*** Block opens ***

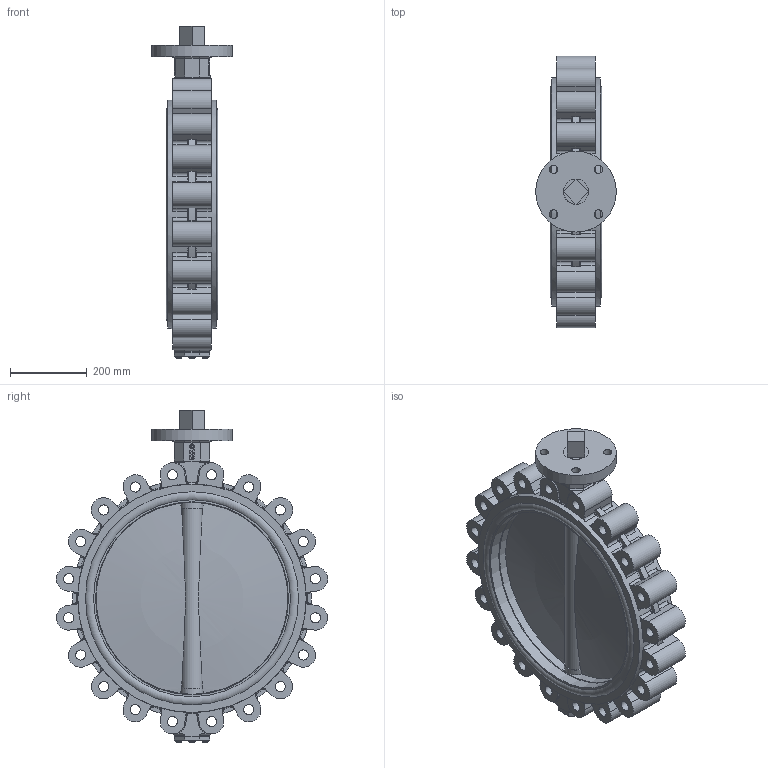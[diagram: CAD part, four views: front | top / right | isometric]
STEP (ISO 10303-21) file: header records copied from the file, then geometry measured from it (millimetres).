
FILE_DESCRIPTION(('STEP AP242'), '1');
FILE_NAME('Ïîâîðîòíûé çàòâîð ïîä ýëåêòðîïðèâîä', '', ('UNSPECIFIED'), ('UNSPECIFIED'), 'C3D Converter', 'C3D Toolkit', '');
FILE_SCHEMA(('AP242_MANAGED_MODEL_BASED_3D_ENGINEERING_MIM_LF { 1 0 10303 442 1 1 4 }'));
Length unit declared in the file: millimetre
Products named in the file (8): П
Assembly tree (11 placements, depth 2):
  (unnamed)
    (unnamed)
    П  x2
    (unnamed)
    (unnamed)
    (unnamed)
    (unnamed)
    (unnamed)  x4
Bounding box: 210 x 705.99 x 864 mm (x, y, z)
Volume: 24960915.7 mm3; surface area: 2505908.4 mm2
Topology: 11 solids, 11 shells, 992 faces, 2533 edges, 1607 vertices
Faces by surface type: plane 374, cylinder 302, extrusion 159, torus 134, cone 19, sphere 4
Full cylindrical faces by diameter (mm): 8 x4, 10 x12, 12.564 x1, 16 x8, 22 x4, 26.211 x20, 46 x5, 50.6 x1, 60.325 x4, 65.054 x5, 210 x1, 500 x1, 502.5 x2, 512.5 x2, 533.5 x4, 554.5 x4, 594.48 x2
Entity records: 36584 total; most frequent: CARTESIAN_POINT 11988, ORIENTED_EDGE 4594, DIRECTION 4329, EDGE_CURVE 2297, AXIS2_PLACEMENT_3D 1559, VERTEX_POINT 1515, VECTOR 1211, EDGE_LOOP 1114

*** Block closes ***

• [AIM OF THE TASK]: Pictures excluded, repeat exactly the lines from the top of the material through the line with "Full cylindrical faces", including both of those lines.

• [TASK SOLUTION]:
[diagram: CAD part, four views: front | top / right | isometric]
STEP (ISO 10303-21) file: header records copied from the file, then geometry measured from it (millimetres).
FILE_DESCRIPTION(('STEP AP242'), '1');
FILE_NAME('Ïîâîðîòíûé çàòâîð ïîä ýëåêòðîïðèâîä', '', ('UNSPECIFIED'), ('UNSPECIFIED'), 'C3D Converter', 'C3D Toolkit', '');
FILE_SCHEMA(('AP242_MANAGED_MODEL_BASED_3D_ENGINEERING_MIM_LF { 1 0 10303 442 1 1 4 }'));
Length unit declared in the file: millimetre
Products named in the file (8): П
Assembly tree (11 placements, depth 2):
  (unnamed)
    (unnamed)
    П  x2
    (unnamed)
    (unnamed)
    (unnamed)
    (unnamed)
    (unnamed)  x4
Bounding box: 210 x 705.99 x 864 mm (x, y, z)
Volume: 24960915.7 mm3; surface area: 2505908.4 mm2
Topology: 11 solids, 11 shells, 992 faces, 2533 edges, 1607 vertices
Faces by surface type: plane 374, cylinder 302, extrusion 159, torus 134, cone 19, sphere 4
Full cylindrical faces by diameter (mm): 8 x4, 10 x12, 12.564 x1, 16 x8, 22 x4, 26.211 x20, 46 x5, 50.6 x1, 60.325 x4, 65.054 x5, 210 x1, 500 x1, 502.5 x2, 512.5 x2, 533.5 x4, 554.5 x4, 594.48 x2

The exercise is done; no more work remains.